Here's another really cool problem for you: You have two ropes, and the only thing you know about them is they take exactly 1 hour each to burn (i.e. if you lit either end, the flame would take exactly 1 hour to reach the other end). The ropes are not of constant cross-section, so half a rope will not necessarily take half an hour to burn, and the ropes are not the same (i.e. not only do they burn unevenly, they don't even burn equally). Given these two ropes and a lighter, how do you measure exactly 45 minutes?

jonathan lall
04-09-2004, 09:31 PM
Well I think if you burn the first rope at both ends, their flames will meet and fizzle at 30 minutes, right?
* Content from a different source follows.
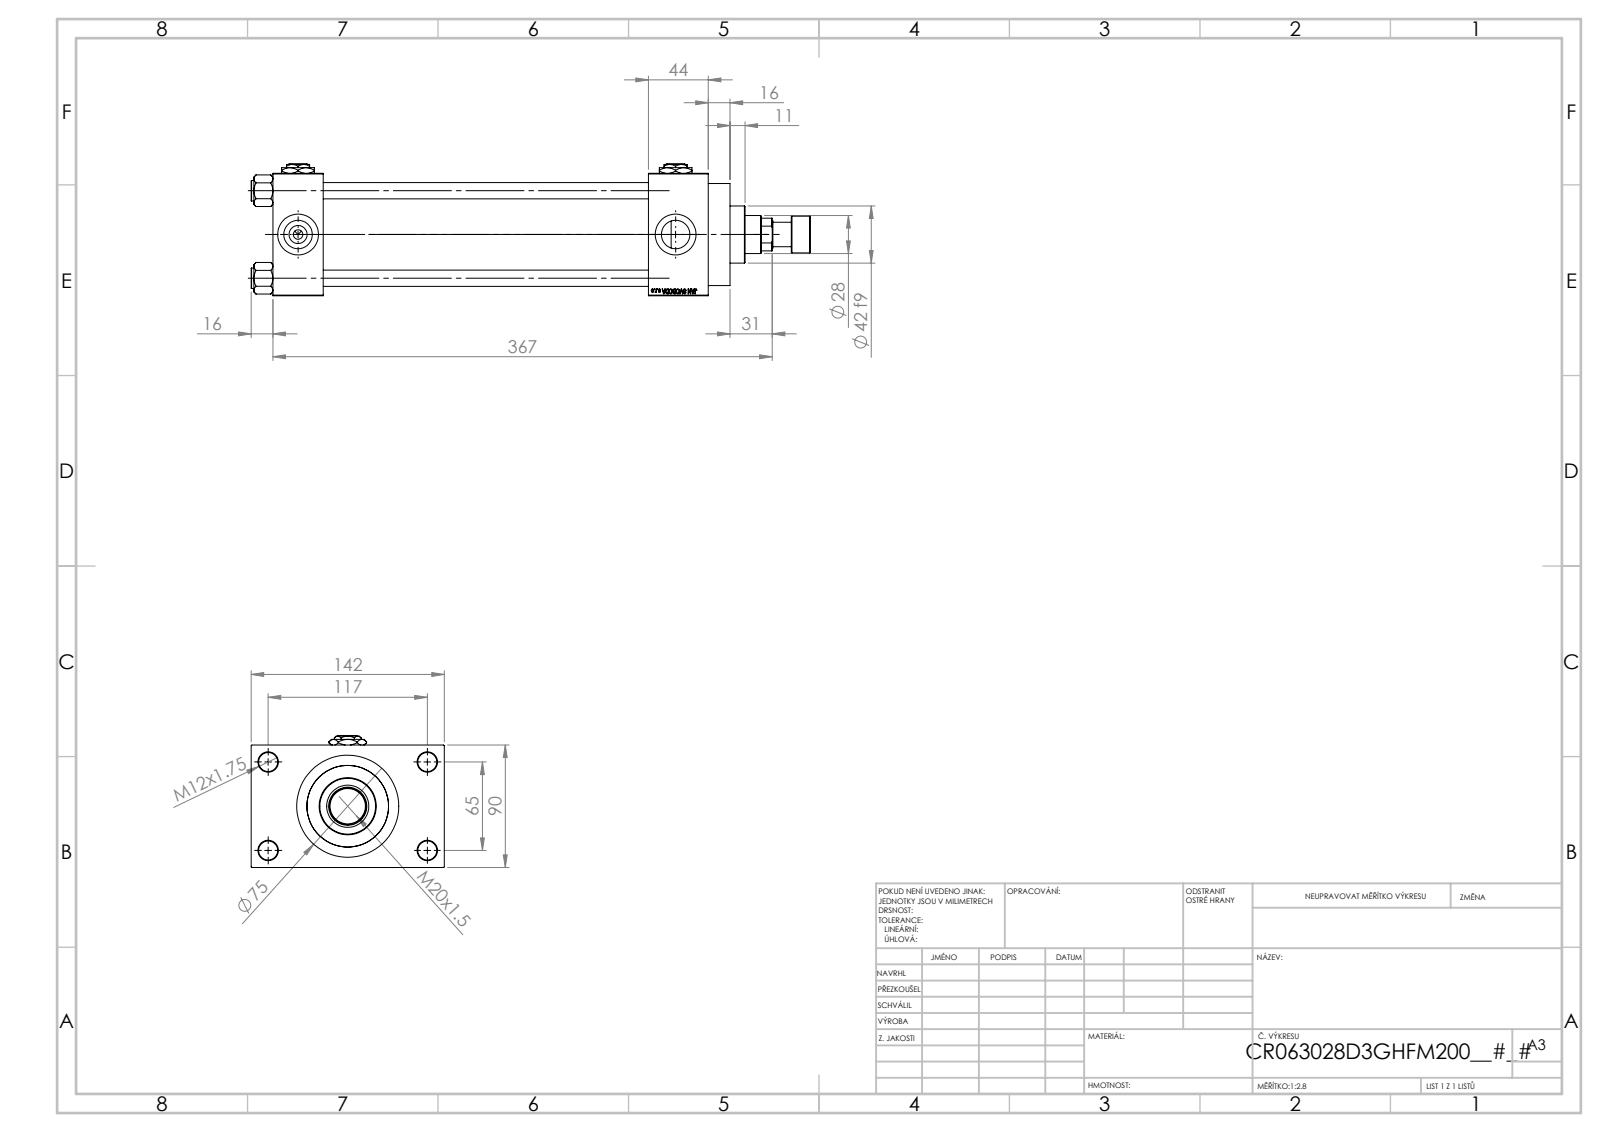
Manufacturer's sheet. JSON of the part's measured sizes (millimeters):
{"part_name": "V215CR_VCP_D; V215CR_ROD_END_F; V215CR_D_TYCINKA; NUT_M5_D (+3 more)", "step_written_by": "SolidWorks 2019 (CONFIG_CONTROL_DESIGN)", "units": "millimeters", "bodies": {"solids": 14, "faces": 1218, "planar": 549, "cylindrical": 103, "other": 566}, "overall_size": [411, 142, 97], "volume_mm3": 1407000, "surface_area_mm2": 325819, "round_holes": [[12, 4], [14, 4], [20.96, 4], [30, 4], [7, 3], [18.5, 1], [28, 1], [31, 1], [50, 1], [60, 1], [63, 1]], "round_bosses_or_shafts": [[15, 4], [75, 1], [69, 1], [42, 1], [27, 1], [18, 1]], "face_to_face_distances": [90, 239, 37, 276, 283, 320, 44, 26, 116, 16], "hole_center_spacings": [26.35, 45.47, 64.3, 66.92, 69.81, 90.65, 111.34, 65]}

Because their uneven burning will still make them meet somewhere along that length. So if you also burned the second rope at the start (i.e. the same time as you lit the first rope), when the first rope's flames die out, it'll be 30 minutes, at which point you could light the other end of the second rope. When both ends of the second rope meet, it'll be another 15 minutes. This adds up to 45 minutes, I think. Unless I'm horribly missing something.

ZZII 527
04-09-2004, 09:35 PM
Well I think if you burn the first rope at both ends, their flames will meet and fizzle at 30 minutes, right? Because their uneven burning will still make them meet somewhere along that length. So if you also burned the second rope at the start (i.e. the same time as you lit the first rope), when the first rope's flames die out, it'll be 30 minutes, at which point you could light the other end of the second rope. When both ends of the second rope meet, it'll be another 15 minutes. This adds up to 45 minutes, I think. Unless I'm horribly missing something.

That sounds right. I was on the right track of burning both ends of the first rope for 30 minutes but couldn't get the 15 second part...I ventured down the blind alley of trying to light the second rope in four places...but it only works when you light the ends I guess.

Ian Mackenzie
04-09-2004, 09:50 PM
Well I think if you burn the first rope at both ends, their flames will meet and fizzle at 30 minutes, right? Because their uneven burning will still make them meet somewhere along that length. So if you also burned the second rope at the start (i.e. the same time as you lit the first rope), when the first rope's flames die out, it'll be 30 minutes, at which point you could light the other end of the second rope. When both ends of the second rope meet, it'll be another 15 minutes. This adds up to 45 minutes, I think. Unless I'm horribly missing something.

Exactly right. (Your solution, not the statement that you're horribly missing something :D).

trev2023
04-09-2004, 10:14 PM
Well...I think I've got the paper solution to the first one...

Given that there are 3 doors and 1 of them is "escape", you can:

A) Choose door 1
B) Choose door 2
C) Choose door 3

Now given that 3 is the "correct" door, if you pick 1, 2 will be taken away and vice versa and if you pick 3, either 1 or 2 will be taken away.

A1) Stick with door 1
A2) Go with door 3
B1) Stick with door 2
B2) Go with door 3
C1) Stick with door 3
C2) Change to door 1 or 2 (whichever is not eliminated)

Now, as you can see, if you stick with your first choice (A1, B1, C1), you have a 1 in 3 chance (C1) of getting it correct while if you change it (A2, B2, C2) you have a 2 in 3 chance of getting it right (A2, B2).